I just Netflix-ed Clash of the Titans. The new one. This one:
On the cover there, our hero is holding up Medusa's head. You can't tell what her face looks like (the snakes obscure it). Which is good since she's dead. Also good because she's a Gorgon. And scary looking.
Or at least she should be.
In the original Clash of the Titans she was appropriately terrifying. Or that's how I remember her.
In this new version she looks like a beautiful woman until she switches on her turn-you-to-stone powers. And that's a brief on-off switch.
Which means we are watching a group of men pursue a beautiful woman with the intent to decapitate her.
Add in the fact that we're told she was a rape victim just before this, and instead of Medusa being a terrifying force to be reckoned with, we now are watching a beautiful woman who has already been victimized once by a man, get attacked by a gang of men, and murdered.
What were they thinking??
Okay, yes, she does take, what, three men with her?

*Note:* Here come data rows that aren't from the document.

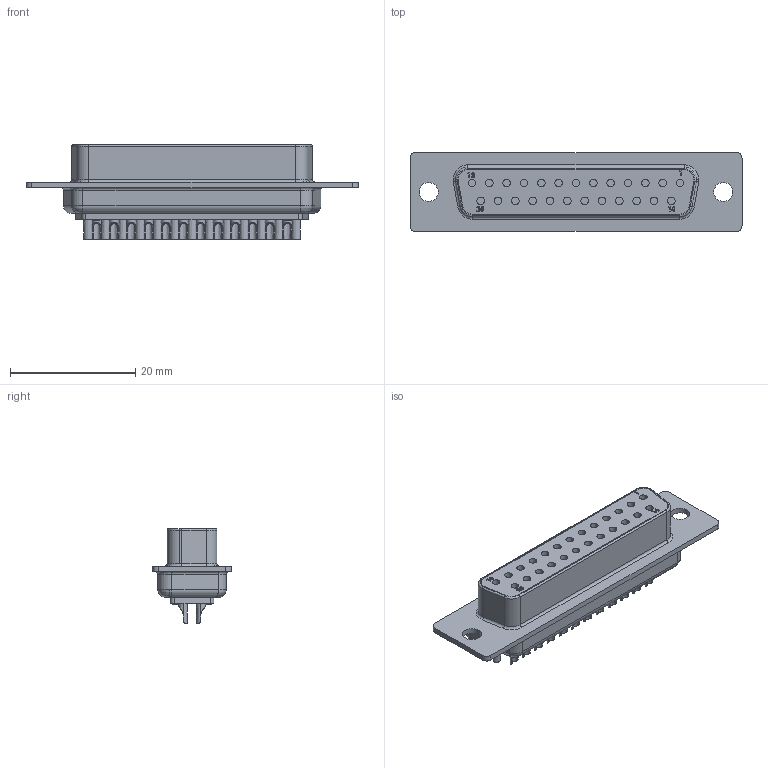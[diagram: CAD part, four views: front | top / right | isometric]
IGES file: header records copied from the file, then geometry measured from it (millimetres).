
Global section: file name: Filename.iges; native system: Open CASCADE 7.3; preprocessor: Open CASCADE IGES processor 7.3; date: 20201223.080450; units: millimetre
Bounding box: 53.01 x 12.6 x 15.27 mm (x, y, z)
Surface area: 4593.1 mm2 (no closed solid volume)
Topology: 0 solids, 0 shells, 702 faces, 3428 edges, 3428 vertices
Faces by surface type: revolution 340, plane 308, bspline 54
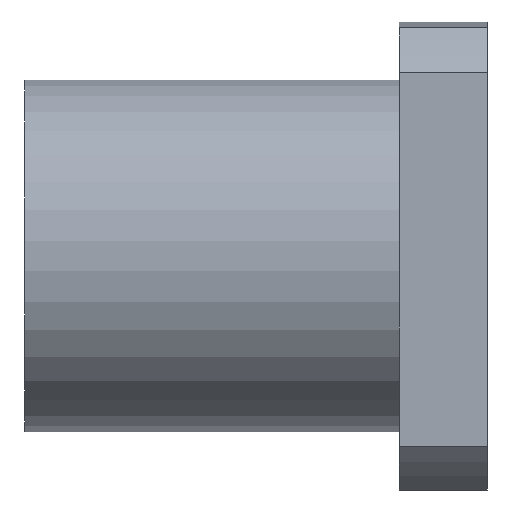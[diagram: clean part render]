
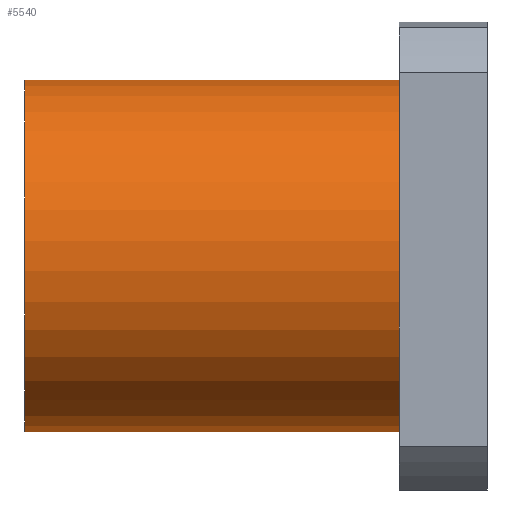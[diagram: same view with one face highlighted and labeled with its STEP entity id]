
A CAD part, front view. The second image highlights one B-rep face of the part: STEP entity #5540.
In plain terms, the highlighted cylindrical face has radius 16 mm (diameter 32 mm), a full revolution.
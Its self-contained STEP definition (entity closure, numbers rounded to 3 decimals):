
#82=CYLINDRICAL_SURFACE('',#5899,16.);
#117=CIRCLE('',#5900,16.);
#118=CIRCLE('',#5901,16.);
#1697=ORIENTED_EDGE('',*,*,#3294,.T.);
#1698=ORIENTED_EDGE('',*,*,#3295,.T.);
#3294=EDGE_CURVE('',#4091,#4091,#117,.T.);
#3295=EDGE_CURVE('',#4092,#4092,#118,.F.);
#4091=VERTEX_POINT('',#8808);
#4092=VERTEX_POINT('',#8810);
#4541=EDGE_LOOP('',(#1697));
#4542=EDGE_LOOP('',(#1698));
#4939=FACE_BOUND('',#4541,.T.);
#4940=FACE_BOUND('',#4542,.T.);
#5540=ADVANCED_FACE('',(#4939,#4940),#82,.T.);
#5899=AXIS2_PLACEMENT_3D('',#8806,#6425,#6426);
#5900=AXIS2_PLACEMENT_3D('',#8807,#6427,#6428);
#5901=AXIS2_PLACEMENT_3D('',#8809,#6429,#6430);
#6425=DIRECTION('',(1.,0.,0.));
#6426=DIRECTION('',(0.,0.707,-0.707));
#6427=DIRECTION('',(1.,0.,0.));
#6428=DIRECTION('',(0.,0.707,-0.707));
#6429=DIRECTION('',(1.,0.,0.));
#6430=DIRECTION('',(0.,0.707,-0.707));
#8806=CARTESIAN_POINT('',(-21.,0.,0.));
#8807=CARTESIAN_POINT('',(-21.,0.,0.));
#8808=CARTESIAN_POINT('',(-21.,11.314,-11.314));
#8809=CARTESIAN_POINT('',(13.,0.,0.));
#8810=CARTESIAN_POINT('',(13.,11.314,-11.314));

But it's self-defense.
And that reminds me. The men were willing to befriend that weird tree-desert creature - a male creature - but they couldn't try asking Medusa to cooperate? I know that's not really how the myth goes but, hey, practically nothing about this movie goes according to myth so I don't see a problem with that type of re-write.
Lisa and I went to see this on Sunday afternoon at RT. I was thinking the SAME THING when I saw it. Kinda an odd feeling, empathizing with Medusa.
ReplyDeleteYes! I'm glad it wasn't just me. :)
ReplyDeleteI was just googling "Clash of the Titans: Misogyny" to see if anybody else was ranting about this. My wife and I watched this movie a few days ago, and all I could do was rant at it. I mean, seriously, WTF? One minute, we're hearing about how this version of Medusa is somewhat different from the original conception - rather than simply being an ancient monster and one of three sisters, or even Ovid's willing partner of Posiden, we get a clear-cut victim who was raped by one god ("on the cold floor," no less. Let's not spare those details!) and spurned by another. The next minute, she's a "bitch," and needs to have her head cut off? SERIOUSLY!?!? Then we get zeus, who (again with the rape? really?) tricks the hero's mom into having sex with him (to get even with her husband, of course. Grrr.), as a result of which, her husband kills her (for having sex with, for all she knew, him! GRRR!) and zeus does nothing. The director doesn't make this a a tragic death - we, as viewers, barely know this woman and don't seem to be expected to care. When her husband is later killed, he says "Don't be like them!" Now, he means the Gods, (I guess), but what he doesn't seem to get is that HE already continued the god's cycle of injustice by killing his wife, and Perseus just did the same thing by killing medusa! What little we know about zeus makes his little heart-to-heart with perseus sickening, by the time we get to it, and then he gives his "son" back his agelessly sexy piece of ass back - not because he gives a damn about HER, mind, but because his boy needs an agelessly sexy piece. Family? Still dead. Mommy? still dead. ...oh, and Hades is Mortals' own fault. (Even though Posiden and I go about raping folks with impunity and Hades feeds on hatred and fear of the Gods.) All told, a pretty frustrating film.